[Prompt]: The answer must be every line below that holds the word "color".

Excerpts from a dataset:
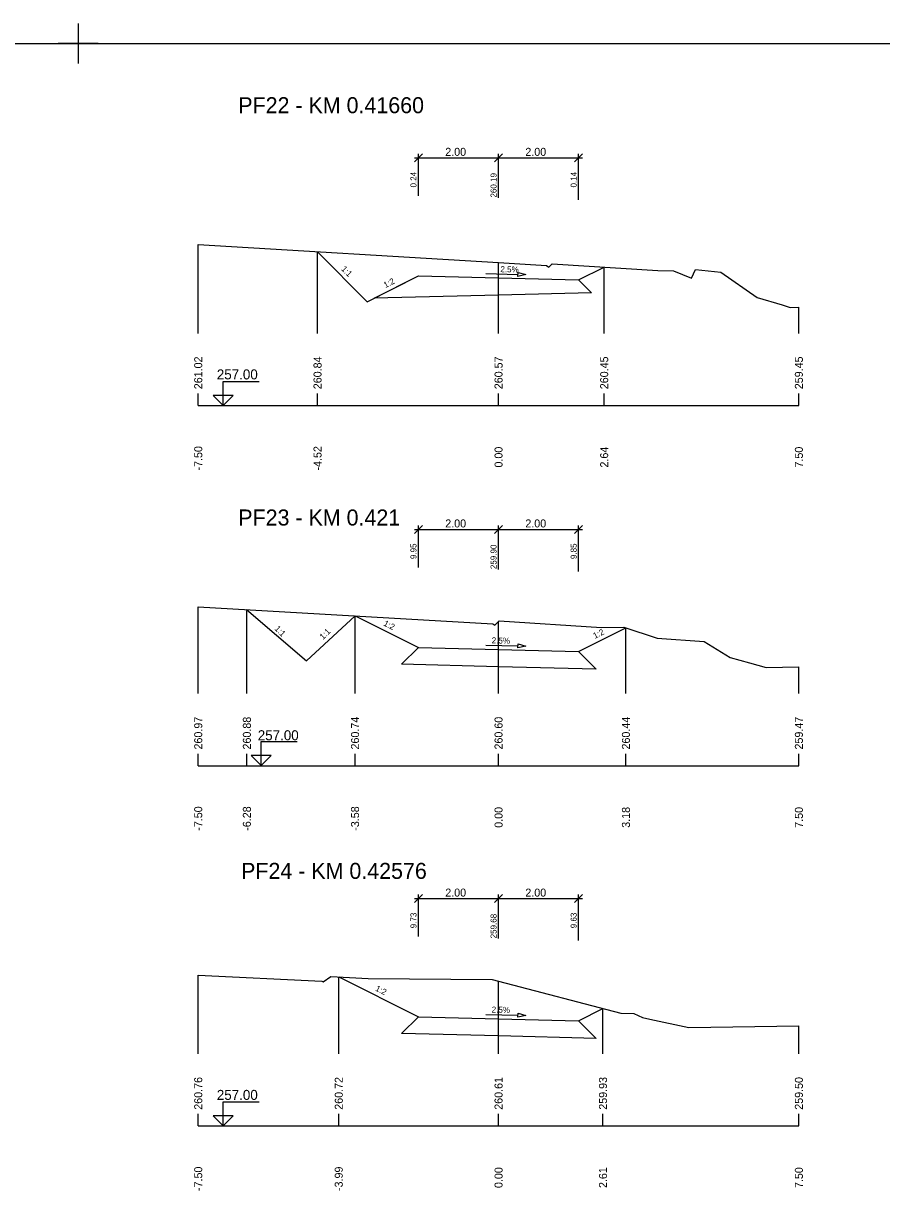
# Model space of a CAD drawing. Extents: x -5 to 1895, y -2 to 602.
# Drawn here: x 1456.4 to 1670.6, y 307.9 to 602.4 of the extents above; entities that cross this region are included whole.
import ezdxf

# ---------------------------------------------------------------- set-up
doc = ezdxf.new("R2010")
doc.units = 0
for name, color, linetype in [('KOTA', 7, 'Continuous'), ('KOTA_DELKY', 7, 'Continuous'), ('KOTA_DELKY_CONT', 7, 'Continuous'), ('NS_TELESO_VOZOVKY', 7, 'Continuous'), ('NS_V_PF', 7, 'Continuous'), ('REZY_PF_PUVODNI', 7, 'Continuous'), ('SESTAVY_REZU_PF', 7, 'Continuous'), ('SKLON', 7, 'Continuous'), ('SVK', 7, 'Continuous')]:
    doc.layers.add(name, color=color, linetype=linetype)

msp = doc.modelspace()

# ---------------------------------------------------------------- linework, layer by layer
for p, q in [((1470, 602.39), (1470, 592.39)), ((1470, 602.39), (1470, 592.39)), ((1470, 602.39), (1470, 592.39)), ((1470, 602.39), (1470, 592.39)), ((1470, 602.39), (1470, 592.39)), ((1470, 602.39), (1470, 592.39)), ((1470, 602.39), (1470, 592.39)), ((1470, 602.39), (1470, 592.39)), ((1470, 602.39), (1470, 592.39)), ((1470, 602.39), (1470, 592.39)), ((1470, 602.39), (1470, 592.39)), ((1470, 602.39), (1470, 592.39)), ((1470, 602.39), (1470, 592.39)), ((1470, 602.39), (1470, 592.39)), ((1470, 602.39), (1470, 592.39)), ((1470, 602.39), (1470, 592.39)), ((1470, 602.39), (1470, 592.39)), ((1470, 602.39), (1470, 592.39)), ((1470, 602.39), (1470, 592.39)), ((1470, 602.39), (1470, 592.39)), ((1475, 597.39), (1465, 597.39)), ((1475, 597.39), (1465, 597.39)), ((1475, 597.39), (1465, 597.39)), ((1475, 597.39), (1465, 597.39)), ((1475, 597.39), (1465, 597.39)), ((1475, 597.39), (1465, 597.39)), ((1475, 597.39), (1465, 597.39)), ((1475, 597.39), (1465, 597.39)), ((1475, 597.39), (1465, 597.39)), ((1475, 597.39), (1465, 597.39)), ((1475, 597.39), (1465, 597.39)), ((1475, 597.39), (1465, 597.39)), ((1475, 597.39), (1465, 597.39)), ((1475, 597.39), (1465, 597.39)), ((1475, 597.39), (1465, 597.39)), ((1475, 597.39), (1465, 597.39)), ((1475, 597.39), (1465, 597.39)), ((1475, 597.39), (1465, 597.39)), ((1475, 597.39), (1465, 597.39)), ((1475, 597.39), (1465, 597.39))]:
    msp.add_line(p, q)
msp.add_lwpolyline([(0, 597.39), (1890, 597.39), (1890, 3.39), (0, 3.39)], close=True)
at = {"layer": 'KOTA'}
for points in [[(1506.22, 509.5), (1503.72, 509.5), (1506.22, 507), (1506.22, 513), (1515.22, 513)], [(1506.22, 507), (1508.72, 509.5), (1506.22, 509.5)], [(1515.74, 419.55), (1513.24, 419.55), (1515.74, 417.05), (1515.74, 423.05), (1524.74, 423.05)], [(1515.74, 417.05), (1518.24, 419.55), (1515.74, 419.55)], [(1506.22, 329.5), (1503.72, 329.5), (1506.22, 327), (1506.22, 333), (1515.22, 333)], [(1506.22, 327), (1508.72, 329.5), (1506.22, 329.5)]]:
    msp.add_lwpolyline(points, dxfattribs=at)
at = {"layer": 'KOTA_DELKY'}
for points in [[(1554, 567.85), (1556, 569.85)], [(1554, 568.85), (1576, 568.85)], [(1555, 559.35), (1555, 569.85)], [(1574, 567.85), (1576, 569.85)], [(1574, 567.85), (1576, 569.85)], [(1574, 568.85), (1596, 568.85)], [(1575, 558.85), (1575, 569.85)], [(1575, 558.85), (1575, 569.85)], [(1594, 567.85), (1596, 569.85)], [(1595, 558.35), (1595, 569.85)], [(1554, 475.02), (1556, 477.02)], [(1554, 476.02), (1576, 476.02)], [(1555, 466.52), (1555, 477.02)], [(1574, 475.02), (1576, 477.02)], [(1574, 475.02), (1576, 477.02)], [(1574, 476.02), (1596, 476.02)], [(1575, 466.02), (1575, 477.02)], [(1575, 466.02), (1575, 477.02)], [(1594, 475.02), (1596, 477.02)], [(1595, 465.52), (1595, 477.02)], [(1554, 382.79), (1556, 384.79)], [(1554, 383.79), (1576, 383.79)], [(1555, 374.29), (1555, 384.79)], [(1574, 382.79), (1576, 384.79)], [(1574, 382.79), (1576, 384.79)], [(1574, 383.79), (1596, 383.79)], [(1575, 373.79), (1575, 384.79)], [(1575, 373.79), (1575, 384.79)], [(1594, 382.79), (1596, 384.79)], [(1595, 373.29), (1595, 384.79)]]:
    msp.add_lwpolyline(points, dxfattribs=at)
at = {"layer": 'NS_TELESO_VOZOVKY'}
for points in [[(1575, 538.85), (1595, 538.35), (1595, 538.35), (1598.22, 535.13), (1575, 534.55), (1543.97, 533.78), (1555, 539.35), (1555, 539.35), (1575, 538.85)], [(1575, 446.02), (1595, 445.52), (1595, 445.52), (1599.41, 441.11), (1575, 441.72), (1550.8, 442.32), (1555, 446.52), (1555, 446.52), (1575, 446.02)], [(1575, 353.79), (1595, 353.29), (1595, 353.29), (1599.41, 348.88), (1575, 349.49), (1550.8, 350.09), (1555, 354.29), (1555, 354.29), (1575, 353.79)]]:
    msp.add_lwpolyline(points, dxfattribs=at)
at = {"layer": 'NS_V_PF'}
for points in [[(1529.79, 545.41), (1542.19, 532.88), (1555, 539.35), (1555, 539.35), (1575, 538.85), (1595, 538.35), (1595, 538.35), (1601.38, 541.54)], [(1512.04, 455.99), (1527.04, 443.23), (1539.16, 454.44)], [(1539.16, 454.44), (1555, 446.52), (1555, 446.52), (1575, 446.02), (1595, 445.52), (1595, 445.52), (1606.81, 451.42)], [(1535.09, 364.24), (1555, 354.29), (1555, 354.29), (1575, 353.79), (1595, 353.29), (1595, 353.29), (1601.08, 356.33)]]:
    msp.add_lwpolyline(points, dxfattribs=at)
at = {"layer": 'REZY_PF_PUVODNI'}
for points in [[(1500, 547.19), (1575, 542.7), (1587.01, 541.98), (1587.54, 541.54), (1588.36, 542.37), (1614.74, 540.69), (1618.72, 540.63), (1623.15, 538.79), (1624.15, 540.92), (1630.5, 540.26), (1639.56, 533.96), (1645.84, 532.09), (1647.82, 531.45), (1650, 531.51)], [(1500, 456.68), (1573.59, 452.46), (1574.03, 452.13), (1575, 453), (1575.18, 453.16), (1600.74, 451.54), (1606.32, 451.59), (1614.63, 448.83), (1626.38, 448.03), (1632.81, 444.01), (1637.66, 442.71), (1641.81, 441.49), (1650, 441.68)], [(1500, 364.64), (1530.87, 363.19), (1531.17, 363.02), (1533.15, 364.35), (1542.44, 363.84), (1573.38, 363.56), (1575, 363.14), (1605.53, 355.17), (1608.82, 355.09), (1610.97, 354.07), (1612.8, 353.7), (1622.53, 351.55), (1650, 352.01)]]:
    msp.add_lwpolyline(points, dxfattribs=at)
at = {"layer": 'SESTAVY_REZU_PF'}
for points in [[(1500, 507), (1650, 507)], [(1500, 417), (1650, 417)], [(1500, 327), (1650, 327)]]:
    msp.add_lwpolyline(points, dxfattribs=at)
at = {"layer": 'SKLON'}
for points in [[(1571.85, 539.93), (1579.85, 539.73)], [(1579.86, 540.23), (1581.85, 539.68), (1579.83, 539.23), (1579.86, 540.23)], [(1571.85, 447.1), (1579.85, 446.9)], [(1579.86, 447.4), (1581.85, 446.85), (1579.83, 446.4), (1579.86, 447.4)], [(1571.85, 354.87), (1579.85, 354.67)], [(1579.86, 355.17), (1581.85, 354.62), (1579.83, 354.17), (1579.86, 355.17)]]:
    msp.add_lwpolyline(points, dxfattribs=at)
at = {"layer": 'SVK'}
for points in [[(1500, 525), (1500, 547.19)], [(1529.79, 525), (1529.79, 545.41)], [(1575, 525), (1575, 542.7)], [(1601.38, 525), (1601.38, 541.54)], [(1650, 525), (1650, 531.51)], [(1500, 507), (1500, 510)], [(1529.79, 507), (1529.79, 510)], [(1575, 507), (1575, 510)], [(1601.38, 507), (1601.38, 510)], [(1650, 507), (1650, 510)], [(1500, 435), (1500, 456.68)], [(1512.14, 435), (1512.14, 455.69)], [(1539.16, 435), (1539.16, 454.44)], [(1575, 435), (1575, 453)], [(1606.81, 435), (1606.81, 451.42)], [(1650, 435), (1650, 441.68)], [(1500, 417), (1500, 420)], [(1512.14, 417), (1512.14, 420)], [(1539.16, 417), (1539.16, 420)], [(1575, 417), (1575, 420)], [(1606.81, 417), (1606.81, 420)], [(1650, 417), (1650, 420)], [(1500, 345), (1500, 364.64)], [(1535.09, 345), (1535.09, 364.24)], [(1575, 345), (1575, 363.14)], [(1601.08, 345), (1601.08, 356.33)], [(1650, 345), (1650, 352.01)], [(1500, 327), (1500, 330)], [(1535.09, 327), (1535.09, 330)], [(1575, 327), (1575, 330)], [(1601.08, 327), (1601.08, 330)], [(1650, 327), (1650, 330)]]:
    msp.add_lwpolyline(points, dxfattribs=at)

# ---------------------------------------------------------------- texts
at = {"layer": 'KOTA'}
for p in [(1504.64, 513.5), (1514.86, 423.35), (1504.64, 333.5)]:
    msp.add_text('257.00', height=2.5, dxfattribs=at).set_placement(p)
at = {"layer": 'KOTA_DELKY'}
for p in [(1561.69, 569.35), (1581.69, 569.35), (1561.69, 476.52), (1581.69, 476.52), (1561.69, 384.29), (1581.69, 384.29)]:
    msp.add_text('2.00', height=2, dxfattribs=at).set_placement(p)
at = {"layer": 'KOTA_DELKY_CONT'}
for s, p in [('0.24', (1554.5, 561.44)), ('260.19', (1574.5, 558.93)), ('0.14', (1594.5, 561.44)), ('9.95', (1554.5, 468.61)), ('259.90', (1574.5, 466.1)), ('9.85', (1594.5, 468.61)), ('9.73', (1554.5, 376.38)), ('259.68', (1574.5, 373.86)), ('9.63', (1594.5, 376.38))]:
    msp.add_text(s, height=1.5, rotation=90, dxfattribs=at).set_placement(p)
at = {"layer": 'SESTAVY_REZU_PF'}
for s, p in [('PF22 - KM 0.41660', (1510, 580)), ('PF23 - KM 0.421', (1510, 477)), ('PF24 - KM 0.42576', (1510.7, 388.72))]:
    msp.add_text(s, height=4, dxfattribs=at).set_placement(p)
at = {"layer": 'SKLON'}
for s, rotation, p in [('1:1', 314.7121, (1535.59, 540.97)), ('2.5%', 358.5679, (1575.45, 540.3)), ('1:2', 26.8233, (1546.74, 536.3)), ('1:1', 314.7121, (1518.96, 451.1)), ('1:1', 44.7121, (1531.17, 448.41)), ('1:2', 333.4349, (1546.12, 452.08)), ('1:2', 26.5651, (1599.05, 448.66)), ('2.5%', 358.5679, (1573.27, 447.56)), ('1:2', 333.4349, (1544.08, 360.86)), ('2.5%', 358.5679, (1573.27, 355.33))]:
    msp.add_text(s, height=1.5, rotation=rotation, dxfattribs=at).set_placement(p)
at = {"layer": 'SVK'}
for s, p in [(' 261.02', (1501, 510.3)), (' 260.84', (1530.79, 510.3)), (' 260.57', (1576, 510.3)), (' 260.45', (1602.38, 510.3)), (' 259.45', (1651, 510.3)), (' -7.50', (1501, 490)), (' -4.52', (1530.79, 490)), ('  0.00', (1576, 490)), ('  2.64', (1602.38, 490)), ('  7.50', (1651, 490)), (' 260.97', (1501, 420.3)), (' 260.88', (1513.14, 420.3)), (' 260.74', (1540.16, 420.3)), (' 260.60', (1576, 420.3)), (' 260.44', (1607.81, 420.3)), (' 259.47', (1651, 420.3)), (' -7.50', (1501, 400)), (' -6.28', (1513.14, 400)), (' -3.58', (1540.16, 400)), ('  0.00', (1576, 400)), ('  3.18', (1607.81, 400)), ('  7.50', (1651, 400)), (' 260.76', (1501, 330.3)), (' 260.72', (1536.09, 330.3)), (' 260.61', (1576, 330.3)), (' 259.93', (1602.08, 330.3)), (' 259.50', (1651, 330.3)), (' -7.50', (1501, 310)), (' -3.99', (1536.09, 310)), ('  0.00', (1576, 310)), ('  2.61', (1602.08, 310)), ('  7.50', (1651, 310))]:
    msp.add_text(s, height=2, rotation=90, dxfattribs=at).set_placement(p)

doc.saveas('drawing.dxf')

[Exercise answer]:
for name, color, linetype in [('KOTA', 7, 'Continuous'), ('KOTA_DELKY', 7, 'Continuous'), ('KOTA_DELKY_CONT', 7, 'Continuous'), ('NS_TELESO_VOZOVKY', 7, 'Continuous'), ('NS_V_PF', 7, 'Continuous'), ('REZY_PF_PUVODNI', 7, 'Continuous'), ('SESTAVY_REZU_PF', 7, 'Continuous'), ('SKLON', 7, 'Continuous'), ('SVK', 7, 'Continuous')]:
    doc.layers.add(name, color=color, linetype=linetype)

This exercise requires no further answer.